3.1. The combination of panitumumab and FTD has significant antiproliferative effects in colon cancer cells

First, we evaluated the in vitro antiproliferative effects of panitumumab and FTD combination in SW48 and LIM1215 cells, which harbor the wild‐type KRAS and BRAF genes (Fig. 1A,B). Panitumumab blocked SW48 and LIM1215 cell proliferation in a dose‐dependent manner, although the maximum inhibition rates remained around 40 and 60%, respectively. FTD significantly inhibited proliferation of SW48 and LIM1215 cells with IC50 values of 8.1 and 0.57 μm, respectively. Cotreatment with FTD and panitumumab produced synergistic combination effects in SW48 cells (nonlinear blending score >20) and additive combination effects in LIM1215 cells (0.7 < CI < 1.3). Combination effects were also seen between FTD and cetuximab, another anti‐EGFR antibody, in LIM1215 cells but not in WiDr cells harboring the BRAF V600E mutation (Fig. S1). In clonogenic assays, cotreatment with panitumumab/FTD significantly suppressed colony formation and growth of SW48 and LIM1215 cells (Figs 1C,D and S2). Quantification analysis revealed that SW48 cell colony areas decreased by 75% when treated with 3 μm FTD and 50 ng·mL−1 panitumumab, while those of LIM1215 decreased by 87% at even lower concentrations, that is, 0.3 μm FTD and 5 ng·mL−1 panitumumab. FTD showed a broad spectrum of anticancer activities against various colon cancer cell lines, irrespective of KRAS or BRAF mutation status, with IC50 values ranging from single to low double‐digit micromolar concentrations (Fig. S3). LIM1215 cells were highly sensitive to FTD compared to other colon cancer cells (Fig. 1B). Therefore, LIM1215 cells were used to investigate the interaction between panitumumab and FTD further.

Figure 1.

Figure 1

Panitumumab interacts with FTD to inhibit the growth of colon cancer cells. (A, B) Viability of SW48 (A) and LIM1215 (B) cells after cotreatment with panitumumab and FTD for 72 h. (C, D) Clonogenic assay was performed in triplicate for SW48 (C) and LIM1215 (D) cells. Total colony areas were individually determined using image analysis. Values represent the mean colony area (% of control). Error bars, standard deviation. Statistical comparisons of colony area were made using Dunnett's multiple comparison tests. Asterisks denote < 0.001 (***) versus the value for control colony area treated with DMSO and saline.

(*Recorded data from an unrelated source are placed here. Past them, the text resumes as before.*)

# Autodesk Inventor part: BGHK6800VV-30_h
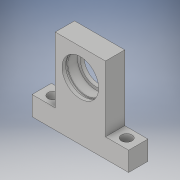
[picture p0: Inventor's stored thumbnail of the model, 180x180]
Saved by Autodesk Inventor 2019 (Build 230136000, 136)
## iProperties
Created: 2022-11
Part Number: BGHK6800VV-30_h
Material: Generic
Catalog Web Link: www.cadenas.de
Description: BGHKB, BGHK, BGHKA, BGHKSA, BGHKS_housing-Bearings with Housings - T-Shaped - h Selectable
Vendor: MISUMI
Document SubType Name: Modeling
Designer: psAdmin
Manufacturer: MISUMI
Mass: 10.6593 g
Surface Area: 51.3935 cm^2
Volume: 10.6593 cm^3
Density: 1 g/cm^3
Appearance: PSOLRGB-175-175-175
Category: PARTsolutions
Company: MISUMI
Title: BGHK6800VV-30
Author: Cadenas PARTsolutions
Comments: Bearings with Housings - T-Shaped - h Selectable
PSOL_IDENT_0: {$CADENAS_DATA/23d-libs/misumi/metric/12_bearing_holders/bghkb/bghkb_housing.prj},237 {VTYP=3D},{NB=
PSOL_IDENT_1: BGHK6800VV-30_h},{LINA=BGHK6800VV-30},{NN=BGHKB, BGHK, BGHKA, BGHKSA, BGHKS_housing},{DATE=30.03.201
PSOL_IDENT_2: 8 01:48:21},{GEOMDATE=23.03.2015 00:00:00},{VERSION=},{LINEID=300},{WBVAR=MATB,MATH,STH,SEAL,HH,ALT1
PSOL_IDENT_3: ,ALT2},{WBNUMERIC=HH}  {NB=BGHK6800VV-30_h},{LINA=BGHK6800VV-30},{KT=DUMMY},{PN=BGHK6800VV-30},{TYPE=
PSOL_IDENT_4: BGHK},{MATB=S},{MATBALG='S','Steel','SS','Stainless Steel'},{MATH=S45C},{MATHALG='S45C','1045 Carbon
PSOL_IDENT_5: Steel','2017AA','2017 Aluminum Alloy'},{STH=ENP},{STHALG='BO','Black Oxide','ENP','Electroless Nick
PSOL_IDENT_6: el Plating'},{ARR=304 Stainless Steel},{ARR3D=-S},{BN=6800},{SEAL=VV},{SEALALG='ZZ','Double Shielded'
PSOL_IDENT_7: ,'VV','Non-Contact Sealed Rubber Seal','DD','Contact Sealed Rubber Seal'},{HH=30},{HHALG=[20,25,30]}
PSOL_IDENT_8: ,{DD=10},{D=19},{DD2=20},{MM=1.15},{DDHH=16},{B=5},{LL1=2},{H=44},{H2=14},{L=50},{L1=38.0},{L2=26},{
PSOL_IDENT_9: T=10},{S=10},{DD1=5.5},{ALT1=},{ALT2=}
NB: BGHK6800VV-30_h
NN: BGHKB, BGHK, BGHKA, BGHKSA, BGHKS_housing
NT: Bearings with Housings - T-Shaped - h Selectable
NBSYN: $PN._h
LINA: BGHK6800VV-30
CATALOG: Misumi
PN: BGHK6800VV-30
MATB: Steel
MATH: 1045 Carbon Steel
STH: Electroless Nickel Plating
ARR: 304 Stainless Steel
BN: 6800
SEAL: Non-Contact Sealed Rubber Seal
HH: 30
DD: 10
D: 19
DDHH: 16
B: 5
LL1: 2
H: 44
L: 50
L1: 38
L2: 26
T: 10
S: 10
DD1: 5.5
ALT1: Bearings, Retaining Rings Assembled
ALT2: w/o KCC (C2 Chamfer)
SUPPLIER: MISUMI
ARTICLENO: BGHK6800VV-30_h
BOMINFO: BGHK6800VV-30
CREATOR: CADENAS GmbH
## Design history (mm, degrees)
sketch "Sketch_1"
  geometry: L1 (-25, -20)-(-25, -30); L2 (-25, -30)-(25, -30); L3 (25, -30)-(25, -20); L4 (25, -20)-(13, -20); L5 (13, -20)-(13, 14); L6 (13, 14)-(-13, 14); L7 (-13, 14)-(-13, -20); L8 (-13, -20)-(-25, -20)
  constraints: 16 end point
extrude "Extrusion1" join sketch "Sketch_1" stored distance "d0" = 10; taper "d1" = 0 deg
sketch "Sketch2"
  geometry: 1 further point
hole "Hole1" sketch "Sketch2" at (0, 0) diameter "d2" = 16; stored, may be unused: countersink angle "d6" = 90 deg, drill point angle "d8" = 0 deg; dims "d3" = 6, "d4" = 19, "d5" = 8, "d7" = 10
sketch "Sketch3"
  geometry: 1 further point
hole "Hole2" sketch "Sketch3" at (6, -5) diameter "d9" = 5.5; stored, may be unused: countersink angle "d13" = 90 deg, drill point angle "d15" = 0 deg; dims "d10" = 6, "d11" = 4, "d12" = 2, "d14" = 10
sketch "Sketch4"
  geometry: 1 further point
hole "Hole3" sketch "Sketch4" at (44, -5) diameter "d16" = 5.5; stored, may be unused: countersink angle "d20" = 90 deg, drill point angle "d22" = 0 deg; dims "d17" = 6, "d18" = 4, "d19" = 2, "d21" = 10
sketch "Sketch_4"
  geometry: L1 (-2, 0)-(-3.15, 0); L2 (-3.15, 0)-(-3.15, 10); L3 (-3.15, 10)-(-2, 10); L4 (-2, 10)-(-2, 0); L5 (-2, 0)-(-3.15, 0)
  constraints: 10 end point
revolve "Revolution1" sketch "Sketch_4" stored, may be unused: angle "d23" = 360 deg
node "housing_to_dummy_XY"
node "housing_to_dummy_YZ"
node "housing_to_dummy_ZX"
node "housing_to_dummy_X"
node "housing_to_dummy_Y"
node "housing_to_dummy_Z"
node "housing_to_dummy_Center"
node "to_bearing_XY"
node "to_bearing_YZ"
node "to_bearing_ZX"
node "to_bearing_X"
node "to_bearing_Y"
node "to_bearing_Z"
node "to_bearing_Center"
node "to_rring_XY"
node "to_rring_YZ"
node "to_rring_ZX"
node "to_rring_X"
node "to_rring_Y"
node "to_rring_Z"
node "to_rring_Center"
body "Solid1"
other parameters: "d24" = 0, "d25" = 0

3.2. The combination of panitumumab and FTD leads to tumor regression in subcutaneous colon cancer xenograft models

Colon cancer xenograft mouse models were used to evaluate the combination effects of panitumumab/TAS‐102 in vivo. SCID mice were inoculated subcutaneously with LIM1215 cells. After the tumors reached appropriate volumes, the mice received panitumumab (3 mg·kg−1, twice weekly; intraperitoneally), TAS‐102 (75 mg·kg−1, twice daily on a 5‐days‐on/2‐days‐off schedule; orally), their combination, or the vehicle for 2 weeks. As shown in Fig. 2A, treatment with panitumumab alone and TAS‐102 alone resulted in statistically significant tumor growth suppression with T/C values of 3.8 and 17.9%, respectively, on day 14 (< 0.001). The combination treatment had more profound antitumor effects, leading to substantial tumor regression, with a maximum regression rate of 63.2% on day 18. In this model, the mean body weight of the vehicle‐treated mice decreased gradually over the experimental period (Fig. S4A). However, two‐week treatments with panitumumab, TAS‐102, or the combination were tolerated and caused less body weight loss than vehicle treatment on day 21. To extend these findings, we conducted a similar efficacy study using a COL‐01‐JCK PDX model. COL‐01‐JCK is a colon PDX line without KRAS and BRAF mutations. TAS‐102 moderately inhibited tumor growth in this model, with the lowest T/C value of 33.4% on day 14 (< 0.01; Fig. 2B). In contrast, panitumumab treatment led to significant regression of tumor xenografts during the treatment period (by 36.1% on day 18 vs. day 0). Combination of panitumumab and TAS‐102 resulted in greater tumor regression than panitumumab alone, and the regression continued for more than 3 weeks after drug withdrawal (by 68.7% on day 35 vs. day 0). Although body weight loss was observed in the vehicle‐treated mice in this PDX model as well, all drug treatments were generally tolerated (Fig. S4B).

Figure 2.

Figure 2

Coadministration of panitumumab (Pmab) and TAS‐102 induces tumor regression in vivo. Antitumor effects of Pmab, TAS‐102, and Pmab/TAS‐102 combination on the growth of subcutaneous LIM1215 (A) and COL‐01‐JCK (B) tumor xenografts. The mice were orally administered Pmab (3 mg·kg−1, twice weekly; intraperitoneally), TAS‐102 (75 mg·kg−1, twice daily on a 5‐days‐on/2‐days‐off schedule; orally), or a combination of both agents for 2 weeks (from days 1 to 14). The data represent the mean tumor volume ± standard error of the mean (= 5).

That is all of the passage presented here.